Sutter Hill Ventures
- Company type: Private
- Industry: Venture capital
- Founded: 1964; 62 years ago
- Founder: Paul M. Wythes; Bill Draper;
- Headquarters: Palo Alto, California, U.S.
- Products: Investments
- Website: www.shv.com

= Sutter Hill Ventures =

American private equity firm

Sutter Hill Ventures is an American private equity firm focused on venture capital investments in technology-based start-up companies. Founded in 1964, Sutter Hill is one of the oldest venture capital firms still in operation. Based in Palo Alto, CA, the firm is primarily focused on investments in the fields of networking and computer technology, business and financial services, healthcare, web development, and pop culture, and have been known to invest in angel funds.

==History==
Sutter Hill Ventures was founded in 1964 by Bill Draper and Paul Wythes. It began as an off-shoot of a real estate firm and was licensed as a Small Business Investment Company. The firm was an early investor in companies including Qume, a maker of disk drives and printers acquired in 1978 by ITT, and Diablo Systems, a pioneer of daisy-wheel printers that was acquired by Xerox in 1972. In the 1980s, the firm provided seed money for LSI Logic and Banyan Systems.
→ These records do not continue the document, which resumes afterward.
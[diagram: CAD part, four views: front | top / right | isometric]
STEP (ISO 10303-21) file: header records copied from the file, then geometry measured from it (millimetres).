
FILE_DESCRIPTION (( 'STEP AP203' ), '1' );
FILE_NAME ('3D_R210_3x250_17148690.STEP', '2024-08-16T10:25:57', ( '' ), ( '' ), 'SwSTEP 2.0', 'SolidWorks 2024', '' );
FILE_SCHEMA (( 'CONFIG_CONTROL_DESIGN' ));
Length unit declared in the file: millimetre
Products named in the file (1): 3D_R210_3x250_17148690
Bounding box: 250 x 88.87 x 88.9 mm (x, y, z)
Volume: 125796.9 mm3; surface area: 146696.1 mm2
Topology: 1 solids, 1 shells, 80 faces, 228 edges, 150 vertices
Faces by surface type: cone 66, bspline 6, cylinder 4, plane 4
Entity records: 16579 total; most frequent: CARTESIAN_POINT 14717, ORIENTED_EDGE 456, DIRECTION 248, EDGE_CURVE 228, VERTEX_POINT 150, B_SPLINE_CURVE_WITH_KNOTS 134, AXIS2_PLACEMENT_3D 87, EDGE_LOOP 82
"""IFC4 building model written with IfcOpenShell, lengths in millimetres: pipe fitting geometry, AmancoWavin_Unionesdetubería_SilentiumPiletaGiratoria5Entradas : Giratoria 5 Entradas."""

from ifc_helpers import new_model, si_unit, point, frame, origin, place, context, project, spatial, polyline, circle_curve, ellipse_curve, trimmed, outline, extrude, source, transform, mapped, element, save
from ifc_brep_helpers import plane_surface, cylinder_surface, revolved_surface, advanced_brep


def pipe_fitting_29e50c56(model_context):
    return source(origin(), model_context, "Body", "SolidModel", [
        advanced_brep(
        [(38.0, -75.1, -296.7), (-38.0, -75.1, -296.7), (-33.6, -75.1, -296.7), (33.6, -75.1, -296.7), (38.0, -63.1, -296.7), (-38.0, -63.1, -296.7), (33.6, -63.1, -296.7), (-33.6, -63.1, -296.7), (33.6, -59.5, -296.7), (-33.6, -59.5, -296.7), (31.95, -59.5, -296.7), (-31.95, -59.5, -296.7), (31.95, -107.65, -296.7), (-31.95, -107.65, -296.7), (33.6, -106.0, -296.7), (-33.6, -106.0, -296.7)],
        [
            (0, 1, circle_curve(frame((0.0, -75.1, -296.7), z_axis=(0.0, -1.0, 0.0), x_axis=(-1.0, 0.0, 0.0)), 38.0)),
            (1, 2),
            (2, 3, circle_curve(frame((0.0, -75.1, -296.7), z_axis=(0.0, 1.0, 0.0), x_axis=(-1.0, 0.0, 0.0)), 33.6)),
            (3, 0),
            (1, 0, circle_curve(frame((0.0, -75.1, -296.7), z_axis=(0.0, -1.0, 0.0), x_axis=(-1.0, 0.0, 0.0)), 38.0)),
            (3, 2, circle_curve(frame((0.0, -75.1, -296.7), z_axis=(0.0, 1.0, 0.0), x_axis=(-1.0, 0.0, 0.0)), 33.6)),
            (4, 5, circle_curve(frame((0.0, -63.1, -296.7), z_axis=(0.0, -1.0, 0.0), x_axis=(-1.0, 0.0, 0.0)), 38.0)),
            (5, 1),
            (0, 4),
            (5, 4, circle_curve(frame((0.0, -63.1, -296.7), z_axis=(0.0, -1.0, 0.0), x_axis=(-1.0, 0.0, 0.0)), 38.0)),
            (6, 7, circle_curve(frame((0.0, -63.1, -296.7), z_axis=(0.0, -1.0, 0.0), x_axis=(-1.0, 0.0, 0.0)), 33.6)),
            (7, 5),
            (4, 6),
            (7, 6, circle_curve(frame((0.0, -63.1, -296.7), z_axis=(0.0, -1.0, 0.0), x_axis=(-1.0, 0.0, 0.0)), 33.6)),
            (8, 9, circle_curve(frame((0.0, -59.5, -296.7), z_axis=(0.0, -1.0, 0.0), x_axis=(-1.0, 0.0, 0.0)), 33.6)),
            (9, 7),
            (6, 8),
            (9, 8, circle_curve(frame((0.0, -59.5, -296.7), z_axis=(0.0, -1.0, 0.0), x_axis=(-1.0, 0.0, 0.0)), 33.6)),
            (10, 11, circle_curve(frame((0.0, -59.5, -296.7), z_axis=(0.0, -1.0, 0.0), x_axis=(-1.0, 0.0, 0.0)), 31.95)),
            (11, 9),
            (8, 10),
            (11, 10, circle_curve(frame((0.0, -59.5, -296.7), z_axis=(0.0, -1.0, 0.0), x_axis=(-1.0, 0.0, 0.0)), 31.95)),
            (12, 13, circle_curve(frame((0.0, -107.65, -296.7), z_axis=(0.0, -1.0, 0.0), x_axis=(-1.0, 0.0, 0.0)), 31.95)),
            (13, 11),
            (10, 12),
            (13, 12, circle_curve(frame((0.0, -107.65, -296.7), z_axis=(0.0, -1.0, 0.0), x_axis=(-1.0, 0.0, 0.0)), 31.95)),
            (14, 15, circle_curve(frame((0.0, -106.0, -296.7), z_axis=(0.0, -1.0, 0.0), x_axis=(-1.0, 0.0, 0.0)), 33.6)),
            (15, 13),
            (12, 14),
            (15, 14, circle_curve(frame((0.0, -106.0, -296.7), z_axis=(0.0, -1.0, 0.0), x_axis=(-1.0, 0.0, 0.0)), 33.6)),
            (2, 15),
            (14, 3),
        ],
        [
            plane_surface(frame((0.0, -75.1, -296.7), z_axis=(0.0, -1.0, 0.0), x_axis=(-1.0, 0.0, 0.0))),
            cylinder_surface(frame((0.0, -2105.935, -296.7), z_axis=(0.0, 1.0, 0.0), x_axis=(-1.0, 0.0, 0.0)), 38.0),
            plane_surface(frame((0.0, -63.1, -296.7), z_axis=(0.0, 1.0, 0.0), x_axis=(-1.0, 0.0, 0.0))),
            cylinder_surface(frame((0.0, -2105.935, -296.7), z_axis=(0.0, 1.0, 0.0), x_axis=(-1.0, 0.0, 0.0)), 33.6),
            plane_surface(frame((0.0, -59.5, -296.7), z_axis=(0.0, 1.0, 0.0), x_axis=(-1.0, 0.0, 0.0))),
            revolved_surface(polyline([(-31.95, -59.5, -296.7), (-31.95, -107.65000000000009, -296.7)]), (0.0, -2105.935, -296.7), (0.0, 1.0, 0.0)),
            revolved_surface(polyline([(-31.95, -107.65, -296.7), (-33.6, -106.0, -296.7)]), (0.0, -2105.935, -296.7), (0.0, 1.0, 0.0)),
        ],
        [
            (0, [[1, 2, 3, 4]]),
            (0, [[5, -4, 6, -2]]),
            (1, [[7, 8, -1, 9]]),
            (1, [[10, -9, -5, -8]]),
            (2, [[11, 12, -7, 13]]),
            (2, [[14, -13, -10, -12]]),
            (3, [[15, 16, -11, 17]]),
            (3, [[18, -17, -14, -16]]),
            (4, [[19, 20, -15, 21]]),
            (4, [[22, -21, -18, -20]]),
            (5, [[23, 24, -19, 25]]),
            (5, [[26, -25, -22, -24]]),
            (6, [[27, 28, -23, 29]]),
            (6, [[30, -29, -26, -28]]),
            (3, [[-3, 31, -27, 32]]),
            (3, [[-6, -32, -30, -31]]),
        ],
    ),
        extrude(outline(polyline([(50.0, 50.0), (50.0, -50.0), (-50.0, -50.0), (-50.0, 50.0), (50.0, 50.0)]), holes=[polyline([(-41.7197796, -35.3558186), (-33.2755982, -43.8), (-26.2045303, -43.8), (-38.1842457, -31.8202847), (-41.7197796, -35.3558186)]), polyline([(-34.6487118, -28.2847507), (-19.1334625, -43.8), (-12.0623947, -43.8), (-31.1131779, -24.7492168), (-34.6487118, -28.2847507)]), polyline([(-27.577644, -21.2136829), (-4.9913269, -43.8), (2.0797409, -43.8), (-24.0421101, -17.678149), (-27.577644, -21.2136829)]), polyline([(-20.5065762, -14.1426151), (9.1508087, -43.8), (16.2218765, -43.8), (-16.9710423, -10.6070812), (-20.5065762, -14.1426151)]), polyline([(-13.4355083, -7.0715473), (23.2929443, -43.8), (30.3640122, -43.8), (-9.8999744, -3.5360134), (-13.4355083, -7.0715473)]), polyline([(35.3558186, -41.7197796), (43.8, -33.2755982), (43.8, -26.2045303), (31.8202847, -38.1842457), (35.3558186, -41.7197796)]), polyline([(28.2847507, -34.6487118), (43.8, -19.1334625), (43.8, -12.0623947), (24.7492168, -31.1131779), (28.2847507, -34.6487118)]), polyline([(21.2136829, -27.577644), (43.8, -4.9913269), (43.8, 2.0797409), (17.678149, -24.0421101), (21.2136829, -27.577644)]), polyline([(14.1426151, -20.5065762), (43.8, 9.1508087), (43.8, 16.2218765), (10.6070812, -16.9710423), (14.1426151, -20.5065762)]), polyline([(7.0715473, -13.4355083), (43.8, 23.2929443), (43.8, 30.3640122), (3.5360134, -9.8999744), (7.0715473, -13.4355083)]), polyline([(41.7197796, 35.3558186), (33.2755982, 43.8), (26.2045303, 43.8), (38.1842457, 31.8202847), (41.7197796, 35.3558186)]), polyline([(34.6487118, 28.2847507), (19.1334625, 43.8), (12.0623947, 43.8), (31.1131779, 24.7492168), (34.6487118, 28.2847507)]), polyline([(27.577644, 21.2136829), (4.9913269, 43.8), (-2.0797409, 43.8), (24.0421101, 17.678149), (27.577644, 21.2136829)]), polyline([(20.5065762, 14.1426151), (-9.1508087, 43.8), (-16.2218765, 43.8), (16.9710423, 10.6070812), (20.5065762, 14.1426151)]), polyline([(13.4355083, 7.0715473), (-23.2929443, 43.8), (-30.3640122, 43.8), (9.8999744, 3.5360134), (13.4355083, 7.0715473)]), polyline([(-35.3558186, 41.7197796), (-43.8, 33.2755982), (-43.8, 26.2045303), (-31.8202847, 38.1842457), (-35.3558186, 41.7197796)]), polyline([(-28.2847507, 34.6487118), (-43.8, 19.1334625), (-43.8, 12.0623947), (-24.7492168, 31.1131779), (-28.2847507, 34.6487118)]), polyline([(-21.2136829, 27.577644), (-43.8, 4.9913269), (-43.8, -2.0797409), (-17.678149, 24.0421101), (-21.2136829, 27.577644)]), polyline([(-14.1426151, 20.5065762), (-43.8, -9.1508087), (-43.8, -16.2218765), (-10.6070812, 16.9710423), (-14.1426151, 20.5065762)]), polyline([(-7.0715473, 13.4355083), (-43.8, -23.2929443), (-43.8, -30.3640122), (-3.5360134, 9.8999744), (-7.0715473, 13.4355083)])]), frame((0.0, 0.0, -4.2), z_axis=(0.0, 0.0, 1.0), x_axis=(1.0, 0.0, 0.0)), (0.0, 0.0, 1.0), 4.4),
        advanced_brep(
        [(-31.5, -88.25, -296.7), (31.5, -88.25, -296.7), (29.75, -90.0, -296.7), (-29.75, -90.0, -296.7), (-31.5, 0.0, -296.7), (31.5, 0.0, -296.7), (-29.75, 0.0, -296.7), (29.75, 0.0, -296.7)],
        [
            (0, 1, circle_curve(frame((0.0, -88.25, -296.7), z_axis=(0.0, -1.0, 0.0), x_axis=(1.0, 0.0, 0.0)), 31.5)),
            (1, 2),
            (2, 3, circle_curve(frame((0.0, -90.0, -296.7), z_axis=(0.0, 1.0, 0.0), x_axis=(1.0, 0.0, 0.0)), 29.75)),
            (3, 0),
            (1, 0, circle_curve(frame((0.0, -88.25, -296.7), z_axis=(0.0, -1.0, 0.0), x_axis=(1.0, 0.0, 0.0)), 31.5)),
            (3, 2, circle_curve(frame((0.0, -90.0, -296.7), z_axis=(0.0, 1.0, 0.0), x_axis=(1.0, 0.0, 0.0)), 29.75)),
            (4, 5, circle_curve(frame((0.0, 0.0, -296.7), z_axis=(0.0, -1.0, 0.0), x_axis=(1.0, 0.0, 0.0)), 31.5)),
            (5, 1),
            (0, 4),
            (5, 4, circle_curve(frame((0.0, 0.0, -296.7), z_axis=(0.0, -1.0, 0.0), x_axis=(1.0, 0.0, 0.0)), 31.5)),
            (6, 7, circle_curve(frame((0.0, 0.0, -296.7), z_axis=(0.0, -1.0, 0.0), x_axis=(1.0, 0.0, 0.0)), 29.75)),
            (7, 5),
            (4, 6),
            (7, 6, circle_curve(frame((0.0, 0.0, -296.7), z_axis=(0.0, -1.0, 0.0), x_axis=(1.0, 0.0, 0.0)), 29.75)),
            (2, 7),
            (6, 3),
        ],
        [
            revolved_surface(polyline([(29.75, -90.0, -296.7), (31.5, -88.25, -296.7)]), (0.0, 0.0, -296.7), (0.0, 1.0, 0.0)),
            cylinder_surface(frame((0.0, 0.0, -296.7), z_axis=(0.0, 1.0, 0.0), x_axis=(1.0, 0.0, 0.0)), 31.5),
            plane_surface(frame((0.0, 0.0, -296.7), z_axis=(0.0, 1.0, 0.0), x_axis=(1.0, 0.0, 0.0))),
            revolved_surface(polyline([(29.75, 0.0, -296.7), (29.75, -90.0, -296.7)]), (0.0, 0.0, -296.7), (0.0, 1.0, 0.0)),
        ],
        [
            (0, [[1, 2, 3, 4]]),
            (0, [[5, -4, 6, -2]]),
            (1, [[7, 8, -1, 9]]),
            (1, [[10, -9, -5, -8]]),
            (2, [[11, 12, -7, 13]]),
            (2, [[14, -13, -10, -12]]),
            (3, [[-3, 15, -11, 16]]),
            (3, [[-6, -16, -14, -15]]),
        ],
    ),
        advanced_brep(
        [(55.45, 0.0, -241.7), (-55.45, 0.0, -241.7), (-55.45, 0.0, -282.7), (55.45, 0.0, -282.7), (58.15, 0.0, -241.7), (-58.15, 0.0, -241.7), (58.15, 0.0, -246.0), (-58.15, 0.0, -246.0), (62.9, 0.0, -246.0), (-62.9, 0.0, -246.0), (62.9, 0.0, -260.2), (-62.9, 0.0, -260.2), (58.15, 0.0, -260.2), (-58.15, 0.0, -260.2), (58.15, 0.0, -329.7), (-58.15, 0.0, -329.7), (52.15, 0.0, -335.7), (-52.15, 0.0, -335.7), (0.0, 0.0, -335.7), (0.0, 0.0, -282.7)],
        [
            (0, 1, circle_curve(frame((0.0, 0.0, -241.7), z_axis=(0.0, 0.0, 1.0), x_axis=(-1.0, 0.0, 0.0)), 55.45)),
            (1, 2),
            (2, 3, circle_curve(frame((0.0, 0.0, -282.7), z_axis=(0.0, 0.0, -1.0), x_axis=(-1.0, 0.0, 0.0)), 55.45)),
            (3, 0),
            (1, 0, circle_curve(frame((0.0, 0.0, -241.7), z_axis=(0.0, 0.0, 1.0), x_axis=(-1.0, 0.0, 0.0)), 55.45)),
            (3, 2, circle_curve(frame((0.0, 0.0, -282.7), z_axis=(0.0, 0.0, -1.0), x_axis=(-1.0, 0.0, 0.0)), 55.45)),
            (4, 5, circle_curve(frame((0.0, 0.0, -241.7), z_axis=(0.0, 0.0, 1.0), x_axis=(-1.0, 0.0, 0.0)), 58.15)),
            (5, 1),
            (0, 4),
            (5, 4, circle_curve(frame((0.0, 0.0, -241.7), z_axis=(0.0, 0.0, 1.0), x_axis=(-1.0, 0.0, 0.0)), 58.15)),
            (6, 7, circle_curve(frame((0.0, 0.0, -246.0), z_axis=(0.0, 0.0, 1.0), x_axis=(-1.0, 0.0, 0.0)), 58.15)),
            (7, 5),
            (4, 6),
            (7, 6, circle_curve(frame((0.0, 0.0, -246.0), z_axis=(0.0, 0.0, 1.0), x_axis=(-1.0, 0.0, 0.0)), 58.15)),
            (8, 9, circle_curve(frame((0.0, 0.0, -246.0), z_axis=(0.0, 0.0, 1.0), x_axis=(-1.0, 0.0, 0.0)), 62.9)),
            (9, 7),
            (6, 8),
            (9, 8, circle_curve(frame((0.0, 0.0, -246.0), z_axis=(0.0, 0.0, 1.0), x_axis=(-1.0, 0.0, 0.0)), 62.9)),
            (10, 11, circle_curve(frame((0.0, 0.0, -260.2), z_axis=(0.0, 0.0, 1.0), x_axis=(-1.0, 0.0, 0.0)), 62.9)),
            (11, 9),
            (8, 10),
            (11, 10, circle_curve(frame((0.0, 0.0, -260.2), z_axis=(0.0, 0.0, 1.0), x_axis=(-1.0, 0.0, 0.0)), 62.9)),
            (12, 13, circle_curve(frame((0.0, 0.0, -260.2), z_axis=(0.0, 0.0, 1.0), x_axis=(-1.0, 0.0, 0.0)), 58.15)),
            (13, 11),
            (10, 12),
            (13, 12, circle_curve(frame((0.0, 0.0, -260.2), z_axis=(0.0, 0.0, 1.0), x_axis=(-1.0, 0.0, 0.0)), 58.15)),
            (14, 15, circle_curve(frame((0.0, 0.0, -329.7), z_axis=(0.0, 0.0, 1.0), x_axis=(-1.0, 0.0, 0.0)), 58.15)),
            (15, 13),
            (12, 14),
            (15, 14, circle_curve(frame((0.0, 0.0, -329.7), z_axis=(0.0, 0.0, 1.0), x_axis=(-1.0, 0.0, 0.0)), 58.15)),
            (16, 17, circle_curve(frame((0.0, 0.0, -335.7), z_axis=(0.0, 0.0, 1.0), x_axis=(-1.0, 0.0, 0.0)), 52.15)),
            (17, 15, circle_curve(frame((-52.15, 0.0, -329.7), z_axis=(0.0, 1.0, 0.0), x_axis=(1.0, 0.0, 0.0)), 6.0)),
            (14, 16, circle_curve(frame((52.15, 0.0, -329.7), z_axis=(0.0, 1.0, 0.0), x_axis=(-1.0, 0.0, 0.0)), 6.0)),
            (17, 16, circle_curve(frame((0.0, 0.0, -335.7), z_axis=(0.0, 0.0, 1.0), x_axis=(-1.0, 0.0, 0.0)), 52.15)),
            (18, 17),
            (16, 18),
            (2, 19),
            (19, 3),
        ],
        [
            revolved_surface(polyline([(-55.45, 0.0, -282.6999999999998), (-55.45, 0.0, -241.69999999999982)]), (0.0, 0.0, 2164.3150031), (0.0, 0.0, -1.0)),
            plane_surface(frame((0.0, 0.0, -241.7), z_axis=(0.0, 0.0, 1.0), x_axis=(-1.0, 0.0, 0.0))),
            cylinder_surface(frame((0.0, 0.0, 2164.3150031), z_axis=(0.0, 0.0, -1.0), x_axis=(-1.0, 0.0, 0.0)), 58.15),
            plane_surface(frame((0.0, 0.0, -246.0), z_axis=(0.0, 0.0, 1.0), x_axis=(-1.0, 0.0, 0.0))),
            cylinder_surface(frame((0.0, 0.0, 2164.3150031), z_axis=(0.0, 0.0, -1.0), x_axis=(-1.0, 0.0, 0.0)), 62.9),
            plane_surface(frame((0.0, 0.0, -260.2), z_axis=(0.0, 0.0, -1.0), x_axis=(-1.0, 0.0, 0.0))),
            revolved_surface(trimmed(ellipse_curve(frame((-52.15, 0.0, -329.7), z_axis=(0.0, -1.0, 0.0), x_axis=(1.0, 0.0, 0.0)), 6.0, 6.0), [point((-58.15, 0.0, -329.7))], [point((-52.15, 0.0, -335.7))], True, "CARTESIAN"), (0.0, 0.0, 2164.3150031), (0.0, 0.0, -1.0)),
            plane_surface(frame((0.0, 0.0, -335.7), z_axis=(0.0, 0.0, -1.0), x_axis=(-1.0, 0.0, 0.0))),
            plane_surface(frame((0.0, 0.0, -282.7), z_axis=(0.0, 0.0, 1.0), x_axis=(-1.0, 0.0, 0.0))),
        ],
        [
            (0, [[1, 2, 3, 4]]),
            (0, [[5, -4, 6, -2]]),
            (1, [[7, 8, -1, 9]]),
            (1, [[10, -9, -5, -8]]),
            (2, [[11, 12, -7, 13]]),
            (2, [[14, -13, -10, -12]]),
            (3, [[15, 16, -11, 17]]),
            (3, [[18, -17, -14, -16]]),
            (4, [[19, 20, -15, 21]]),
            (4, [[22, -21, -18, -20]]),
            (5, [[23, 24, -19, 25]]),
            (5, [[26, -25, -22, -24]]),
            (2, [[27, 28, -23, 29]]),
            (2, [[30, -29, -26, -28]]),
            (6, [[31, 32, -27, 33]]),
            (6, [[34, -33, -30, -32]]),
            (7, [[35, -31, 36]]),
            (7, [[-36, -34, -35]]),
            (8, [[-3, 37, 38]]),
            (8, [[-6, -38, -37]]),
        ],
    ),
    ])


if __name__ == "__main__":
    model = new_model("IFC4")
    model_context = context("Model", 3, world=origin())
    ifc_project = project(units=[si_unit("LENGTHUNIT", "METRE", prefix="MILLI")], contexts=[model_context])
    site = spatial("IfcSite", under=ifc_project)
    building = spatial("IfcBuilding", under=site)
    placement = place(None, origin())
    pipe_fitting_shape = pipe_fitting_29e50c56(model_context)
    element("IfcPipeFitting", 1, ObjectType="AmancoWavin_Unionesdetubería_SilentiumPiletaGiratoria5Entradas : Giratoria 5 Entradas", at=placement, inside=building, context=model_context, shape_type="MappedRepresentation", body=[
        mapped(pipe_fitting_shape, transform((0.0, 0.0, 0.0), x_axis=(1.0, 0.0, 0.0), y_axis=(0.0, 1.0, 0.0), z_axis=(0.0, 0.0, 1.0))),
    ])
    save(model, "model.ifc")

In May 2025, it was reported the company invested in artificial intelligence hardware start-up called io, founded in 2024 by Jony Ive, and then acquired by OpenAI for $6.5 billion, subject to regulatory approval.

==Notable Investments==
The firm has held positions in a number of publicly traded companies, including Restoration Robotics (HAIR), Pure Storage (PSTG), Mattersight (MATR), Forty Seven (FTSV), Threshold Pharmaceuticals (THLD), Molecular Templates (MTEM), Cardica (CRDC), and Corcept Therapeutics (CORT). The firm has also incubated and invested in Snowflake Computing (SNOW) which had the record-setting technology IPO in 2020.